» **Task requirements**:
Locate, in the data below, the line that contains "# Drawn here: x" and the line that contains "doc.units = 0"; reproduce exactly those two lines and every line between them, nothing more.

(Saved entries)

--

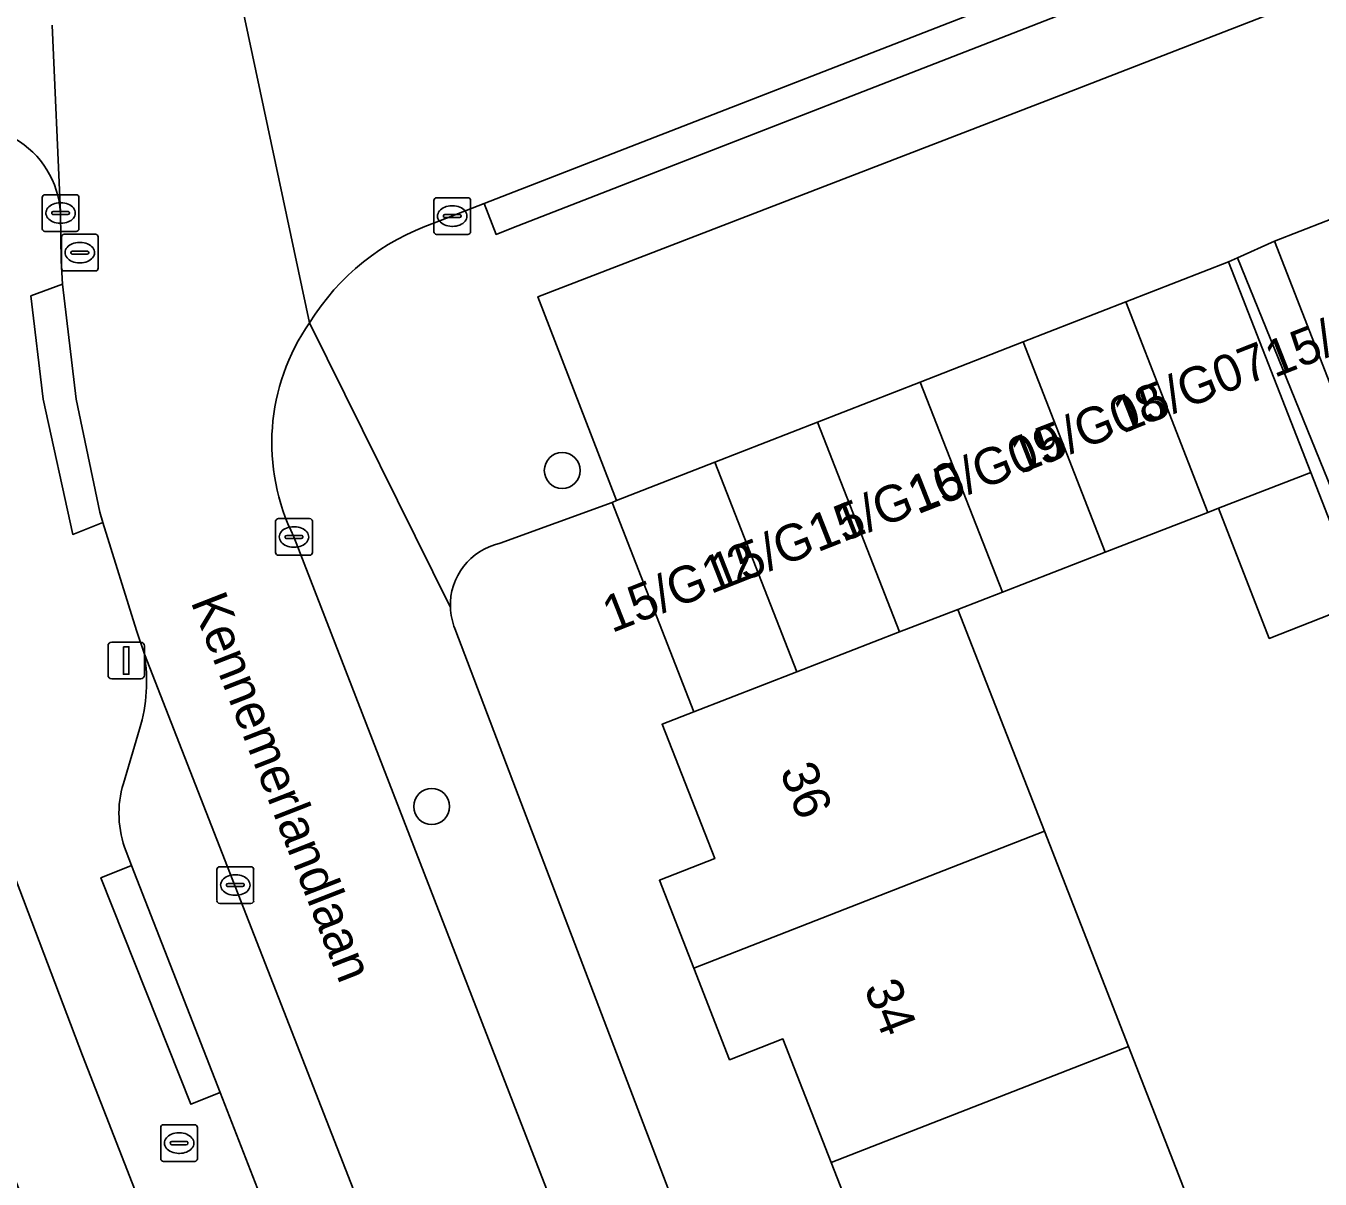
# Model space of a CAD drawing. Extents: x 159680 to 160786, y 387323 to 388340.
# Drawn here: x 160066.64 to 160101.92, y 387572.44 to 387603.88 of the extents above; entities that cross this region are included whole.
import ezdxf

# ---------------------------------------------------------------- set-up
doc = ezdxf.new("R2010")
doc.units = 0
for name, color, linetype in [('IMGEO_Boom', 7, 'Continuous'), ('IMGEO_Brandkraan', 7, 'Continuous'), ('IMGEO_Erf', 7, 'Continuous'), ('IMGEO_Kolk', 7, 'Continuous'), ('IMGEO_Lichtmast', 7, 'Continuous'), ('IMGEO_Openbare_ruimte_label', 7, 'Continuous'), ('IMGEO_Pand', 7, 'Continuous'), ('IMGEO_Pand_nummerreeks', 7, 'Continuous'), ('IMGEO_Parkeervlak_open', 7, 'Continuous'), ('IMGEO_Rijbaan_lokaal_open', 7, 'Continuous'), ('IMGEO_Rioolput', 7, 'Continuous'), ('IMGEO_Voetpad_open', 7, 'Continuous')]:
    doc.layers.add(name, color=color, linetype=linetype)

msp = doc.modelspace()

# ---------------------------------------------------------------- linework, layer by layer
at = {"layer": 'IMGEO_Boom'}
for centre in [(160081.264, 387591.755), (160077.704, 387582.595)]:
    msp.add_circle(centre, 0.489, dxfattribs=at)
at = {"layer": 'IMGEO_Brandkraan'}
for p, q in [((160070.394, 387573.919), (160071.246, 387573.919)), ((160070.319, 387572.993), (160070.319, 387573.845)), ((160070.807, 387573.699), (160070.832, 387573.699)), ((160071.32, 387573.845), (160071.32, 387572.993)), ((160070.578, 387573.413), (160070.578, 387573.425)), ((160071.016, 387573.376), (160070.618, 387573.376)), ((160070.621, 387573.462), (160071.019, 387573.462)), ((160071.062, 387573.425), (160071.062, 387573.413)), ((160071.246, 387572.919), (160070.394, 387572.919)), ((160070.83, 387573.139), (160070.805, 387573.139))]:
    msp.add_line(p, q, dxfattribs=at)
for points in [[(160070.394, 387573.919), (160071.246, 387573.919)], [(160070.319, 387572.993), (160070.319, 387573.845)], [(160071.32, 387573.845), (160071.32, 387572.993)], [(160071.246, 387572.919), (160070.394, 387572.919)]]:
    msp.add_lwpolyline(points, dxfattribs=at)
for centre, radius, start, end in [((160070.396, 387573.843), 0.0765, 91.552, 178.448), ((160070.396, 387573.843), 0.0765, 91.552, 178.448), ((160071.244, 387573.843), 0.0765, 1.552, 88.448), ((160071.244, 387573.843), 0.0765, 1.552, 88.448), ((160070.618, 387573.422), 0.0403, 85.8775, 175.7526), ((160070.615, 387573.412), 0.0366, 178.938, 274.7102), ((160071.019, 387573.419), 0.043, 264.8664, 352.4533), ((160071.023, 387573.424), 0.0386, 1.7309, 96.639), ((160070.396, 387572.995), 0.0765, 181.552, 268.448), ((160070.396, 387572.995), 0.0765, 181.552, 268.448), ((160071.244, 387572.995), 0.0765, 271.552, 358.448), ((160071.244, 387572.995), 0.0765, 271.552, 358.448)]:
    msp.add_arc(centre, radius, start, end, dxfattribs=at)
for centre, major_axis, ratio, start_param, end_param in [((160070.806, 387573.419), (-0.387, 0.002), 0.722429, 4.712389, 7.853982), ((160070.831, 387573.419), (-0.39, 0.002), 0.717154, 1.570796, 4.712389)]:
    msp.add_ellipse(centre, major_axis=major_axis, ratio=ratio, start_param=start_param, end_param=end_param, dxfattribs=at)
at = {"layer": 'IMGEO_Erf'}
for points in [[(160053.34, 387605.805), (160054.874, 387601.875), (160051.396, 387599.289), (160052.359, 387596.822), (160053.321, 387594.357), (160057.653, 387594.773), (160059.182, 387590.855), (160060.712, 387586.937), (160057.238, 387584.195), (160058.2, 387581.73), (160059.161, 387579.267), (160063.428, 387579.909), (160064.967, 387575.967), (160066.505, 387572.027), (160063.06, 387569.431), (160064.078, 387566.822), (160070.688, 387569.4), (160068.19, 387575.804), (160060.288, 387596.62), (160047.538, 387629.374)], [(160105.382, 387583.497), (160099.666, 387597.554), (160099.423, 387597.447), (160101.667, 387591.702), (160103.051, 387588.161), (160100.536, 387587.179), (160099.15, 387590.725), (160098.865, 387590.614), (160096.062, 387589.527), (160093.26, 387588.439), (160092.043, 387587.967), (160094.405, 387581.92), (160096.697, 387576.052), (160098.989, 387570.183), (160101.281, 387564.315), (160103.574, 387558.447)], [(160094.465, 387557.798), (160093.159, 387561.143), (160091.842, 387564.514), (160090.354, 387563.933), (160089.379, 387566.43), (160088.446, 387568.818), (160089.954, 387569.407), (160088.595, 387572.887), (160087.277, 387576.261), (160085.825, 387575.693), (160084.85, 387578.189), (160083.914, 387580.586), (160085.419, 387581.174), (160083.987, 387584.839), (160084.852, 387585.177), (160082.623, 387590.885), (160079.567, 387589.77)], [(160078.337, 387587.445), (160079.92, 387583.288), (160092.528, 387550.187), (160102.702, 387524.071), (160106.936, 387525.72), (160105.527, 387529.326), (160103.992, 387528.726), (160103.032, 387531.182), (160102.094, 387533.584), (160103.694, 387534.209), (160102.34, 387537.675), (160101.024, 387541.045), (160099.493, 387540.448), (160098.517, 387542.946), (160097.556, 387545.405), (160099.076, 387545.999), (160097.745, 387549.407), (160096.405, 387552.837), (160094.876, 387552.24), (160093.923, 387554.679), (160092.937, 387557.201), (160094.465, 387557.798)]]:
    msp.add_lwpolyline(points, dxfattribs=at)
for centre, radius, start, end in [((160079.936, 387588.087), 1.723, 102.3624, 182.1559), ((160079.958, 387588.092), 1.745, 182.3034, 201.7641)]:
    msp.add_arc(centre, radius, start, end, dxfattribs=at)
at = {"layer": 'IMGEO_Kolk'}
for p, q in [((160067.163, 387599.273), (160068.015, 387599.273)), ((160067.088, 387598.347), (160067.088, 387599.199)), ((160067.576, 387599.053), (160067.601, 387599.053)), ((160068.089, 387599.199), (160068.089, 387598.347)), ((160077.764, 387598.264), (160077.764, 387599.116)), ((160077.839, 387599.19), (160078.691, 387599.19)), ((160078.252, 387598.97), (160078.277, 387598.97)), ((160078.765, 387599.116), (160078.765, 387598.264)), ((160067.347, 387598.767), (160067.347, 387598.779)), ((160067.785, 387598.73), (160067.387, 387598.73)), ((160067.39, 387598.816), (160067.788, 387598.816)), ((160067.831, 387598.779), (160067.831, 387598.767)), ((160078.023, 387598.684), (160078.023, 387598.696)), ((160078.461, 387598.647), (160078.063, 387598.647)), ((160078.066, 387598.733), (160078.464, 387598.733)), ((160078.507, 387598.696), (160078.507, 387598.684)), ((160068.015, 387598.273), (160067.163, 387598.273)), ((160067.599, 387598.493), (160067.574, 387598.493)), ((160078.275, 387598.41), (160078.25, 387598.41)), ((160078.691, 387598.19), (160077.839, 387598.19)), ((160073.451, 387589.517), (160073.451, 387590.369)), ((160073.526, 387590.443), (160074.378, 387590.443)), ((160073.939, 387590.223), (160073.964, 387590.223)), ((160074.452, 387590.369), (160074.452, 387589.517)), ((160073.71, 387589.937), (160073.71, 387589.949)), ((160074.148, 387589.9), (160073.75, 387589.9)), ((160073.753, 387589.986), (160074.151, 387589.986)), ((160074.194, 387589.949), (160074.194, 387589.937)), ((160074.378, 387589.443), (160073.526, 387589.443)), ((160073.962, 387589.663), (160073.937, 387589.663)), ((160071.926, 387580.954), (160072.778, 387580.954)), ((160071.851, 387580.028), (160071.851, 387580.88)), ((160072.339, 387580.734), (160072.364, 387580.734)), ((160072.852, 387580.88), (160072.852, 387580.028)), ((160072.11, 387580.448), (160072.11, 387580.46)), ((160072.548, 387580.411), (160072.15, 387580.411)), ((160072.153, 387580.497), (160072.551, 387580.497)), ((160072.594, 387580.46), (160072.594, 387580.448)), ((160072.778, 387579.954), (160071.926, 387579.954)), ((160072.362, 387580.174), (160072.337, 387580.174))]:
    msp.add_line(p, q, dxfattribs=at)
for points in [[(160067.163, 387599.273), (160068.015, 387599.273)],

--

» **Solution to this problem**:
# Drawn here: x 160066.64 to 160101.92, y 387572.44 to 387603.88 of the extents above; entities that cross this region are included whole.
import ezdxf

# ---------------------------------------------------------------- set-up
doc = ezdxf.new("R2010")
doc.units = 0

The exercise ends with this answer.